# WIFI for a Campground



## mikellmikell (Nov 9, 2005)

We lust bought a campground with 150 sites and I would like to get WIFI for it. What Whats it take to have my own service for the grounds.

Thanks
mikell


----------



## Gary in ohio (May 11, 2002)

First think you should consider is checking with your insurance agent. What liabilities will that open you up to. Then find a ISP that can serve you, Your going to need to get a "business" lines so no $25/month plan for you. Next you need to decide are you going to charge for the wifi or offer it free? Will this be a key feature of the campground or add on feature? Will you be doing encryption or no encryption? If your doing encryption then how will you manage handing outkeys? If no encryption do you mind anyone around the camp ground using your wifi? How large is your camp ground? More than likley your going to need more than 1 antenna system for reliable coverage for 150 campers.

For a commercial installation of wifi, the easiest way is to buy one of the "Hotspots in a box" systems. This will give the hardware and software to manage a site. Google hotspot in a box for vendors.


----------



## mikellmikell (Nov 9, 2005)

It'll be free and encrypted with a new password every month will need asap because I have 100 sites reserved till the first of the year


----------



## lharvey (Jul 1, 2003)

Something else to consider.

Will you be offering WiFi to the entire site or just like at the lodge, store etc.

You will want to have a site survey done to see how many access points you will need, what channels are not in conflict with other WiFi in the area, etc.

I've installed several "hot spots in a box" systems as Gary eluded to.

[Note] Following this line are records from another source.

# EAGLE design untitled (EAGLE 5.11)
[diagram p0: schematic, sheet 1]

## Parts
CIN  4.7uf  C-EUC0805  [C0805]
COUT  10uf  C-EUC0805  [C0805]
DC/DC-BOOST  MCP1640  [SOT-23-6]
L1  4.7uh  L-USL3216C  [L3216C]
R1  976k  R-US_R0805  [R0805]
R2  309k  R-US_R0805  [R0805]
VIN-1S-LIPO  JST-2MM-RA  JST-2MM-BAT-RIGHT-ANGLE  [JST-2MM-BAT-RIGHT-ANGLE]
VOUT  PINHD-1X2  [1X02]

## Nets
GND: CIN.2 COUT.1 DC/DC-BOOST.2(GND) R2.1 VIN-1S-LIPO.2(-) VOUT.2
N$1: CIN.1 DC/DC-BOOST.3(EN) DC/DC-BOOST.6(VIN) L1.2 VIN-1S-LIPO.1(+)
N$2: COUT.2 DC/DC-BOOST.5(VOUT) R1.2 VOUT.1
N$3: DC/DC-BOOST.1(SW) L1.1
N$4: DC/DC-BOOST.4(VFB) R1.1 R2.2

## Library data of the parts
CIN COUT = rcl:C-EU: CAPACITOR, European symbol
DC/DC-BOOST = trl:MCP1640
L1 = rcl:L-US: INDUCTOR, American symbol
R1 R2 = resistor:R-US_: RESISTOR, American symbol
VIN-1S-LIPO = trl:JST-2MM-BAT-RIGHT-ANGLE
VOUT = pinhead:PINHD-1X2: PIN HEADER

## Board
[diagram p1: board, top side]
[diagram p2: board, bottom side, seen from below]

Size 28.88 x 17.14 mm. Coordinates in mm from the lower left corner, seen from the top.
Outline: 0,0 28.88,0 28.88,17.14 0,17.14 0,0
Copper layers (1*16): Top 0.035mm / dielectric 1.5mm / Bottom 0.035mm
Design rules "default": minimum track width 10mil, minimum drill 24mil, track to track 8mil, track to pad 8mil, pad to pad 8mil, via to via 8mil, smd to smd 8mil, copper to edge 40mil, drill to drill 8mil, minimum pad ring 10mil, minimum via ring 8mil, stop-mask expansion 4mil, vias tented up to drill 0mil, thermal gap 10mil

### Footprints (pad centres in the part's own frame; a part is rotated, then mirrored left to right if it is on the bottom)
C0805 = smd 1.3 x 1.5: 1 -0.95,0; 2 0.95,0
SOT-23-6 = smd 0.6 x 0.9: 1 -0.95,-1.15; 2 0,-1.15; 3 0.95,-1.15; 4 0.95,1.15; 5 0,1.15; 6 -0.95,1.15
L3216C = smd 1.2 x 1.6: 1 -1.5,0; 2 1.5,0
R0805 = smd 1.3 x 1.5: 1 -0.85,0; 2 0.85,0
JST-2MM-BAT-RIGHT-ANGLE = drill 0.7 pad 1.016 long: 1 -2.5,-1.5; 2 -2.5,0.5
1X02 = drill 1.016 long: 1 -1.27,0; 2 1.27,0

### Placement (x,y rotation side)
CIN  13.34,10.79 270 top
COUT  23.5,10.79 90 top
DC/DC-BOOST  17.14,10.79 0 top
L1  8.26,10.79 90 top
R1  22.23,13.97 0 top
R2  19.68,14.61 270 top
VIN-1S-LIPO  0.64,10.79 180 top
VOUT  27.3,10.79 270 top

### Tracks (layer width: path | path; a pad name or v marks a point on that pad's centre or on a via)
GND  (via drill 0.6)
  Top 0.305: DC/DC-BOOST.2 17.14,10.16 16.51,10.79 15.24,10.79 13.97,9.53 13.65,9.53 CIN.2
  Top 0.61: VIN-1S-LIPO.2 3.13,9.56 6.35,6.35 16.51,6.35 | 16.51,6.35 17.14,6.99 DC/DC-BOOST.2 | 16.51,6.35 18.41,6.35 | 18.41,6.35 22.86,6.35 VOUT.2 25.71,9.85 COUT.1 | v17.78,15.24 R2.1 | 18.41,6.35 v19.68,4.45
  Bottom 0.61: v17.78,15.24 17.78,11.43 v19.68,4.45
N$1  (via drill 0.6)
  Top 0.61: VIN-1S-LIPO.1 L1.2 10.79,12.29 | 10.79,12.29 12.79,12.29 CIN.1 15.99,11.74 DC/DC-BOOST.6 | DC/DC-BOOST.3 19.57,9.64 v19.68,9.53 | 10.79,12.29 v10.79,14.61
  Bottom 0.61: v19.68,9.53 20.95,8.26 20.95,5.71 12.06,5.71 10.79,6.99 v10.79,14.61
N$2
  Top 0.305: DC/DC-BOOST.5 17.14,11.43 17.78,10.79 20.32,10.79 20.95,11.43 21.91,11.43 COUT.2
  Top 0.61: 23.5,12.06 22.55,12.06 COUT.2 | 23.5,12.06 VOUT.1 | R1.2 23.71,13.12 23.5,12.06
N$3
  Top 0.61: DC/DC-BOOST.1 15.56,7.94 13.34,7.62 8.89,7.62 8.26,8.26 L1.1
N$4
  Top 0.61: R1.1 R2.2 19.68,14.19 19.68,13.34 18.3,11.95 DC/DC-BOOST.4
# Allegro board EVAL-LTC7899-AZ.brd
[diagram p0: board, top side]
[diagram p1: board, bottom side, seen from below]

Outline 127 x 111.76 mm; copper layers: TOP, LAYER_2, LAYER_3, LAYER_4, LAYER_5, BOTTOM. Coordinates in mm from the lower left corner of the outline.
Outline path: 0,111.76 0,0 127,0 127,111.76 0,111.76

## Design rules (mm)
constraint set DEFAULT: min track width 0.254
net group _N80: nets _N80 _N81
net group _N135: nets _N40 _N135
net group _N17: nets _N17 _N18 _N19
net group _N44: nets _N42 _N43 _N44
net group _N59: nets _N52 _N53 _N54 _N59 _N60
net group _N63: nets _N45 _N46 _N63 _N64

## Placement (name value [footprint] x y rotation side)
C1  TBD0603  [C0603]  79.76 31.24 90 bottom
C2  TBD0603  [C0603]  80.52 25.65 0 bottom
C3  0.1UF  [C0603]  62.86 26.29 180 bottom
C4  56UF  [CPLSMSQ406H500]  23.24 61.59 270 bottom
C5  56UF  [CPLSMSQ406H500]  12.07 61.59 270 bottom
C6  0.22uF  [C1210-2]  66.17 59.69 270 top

They work very well for controlling access and they can be configured for free access like @ Panera Bread or with a promo code, Credit Card or any number of different ways.

Remember that WiFi has limited range. Making this service available also will require you to provide tech support for those who may need it. Which means someone in your office or a third party will have to be familiar with how networks work, how to trouble shoot on a level more than just basic knowledge.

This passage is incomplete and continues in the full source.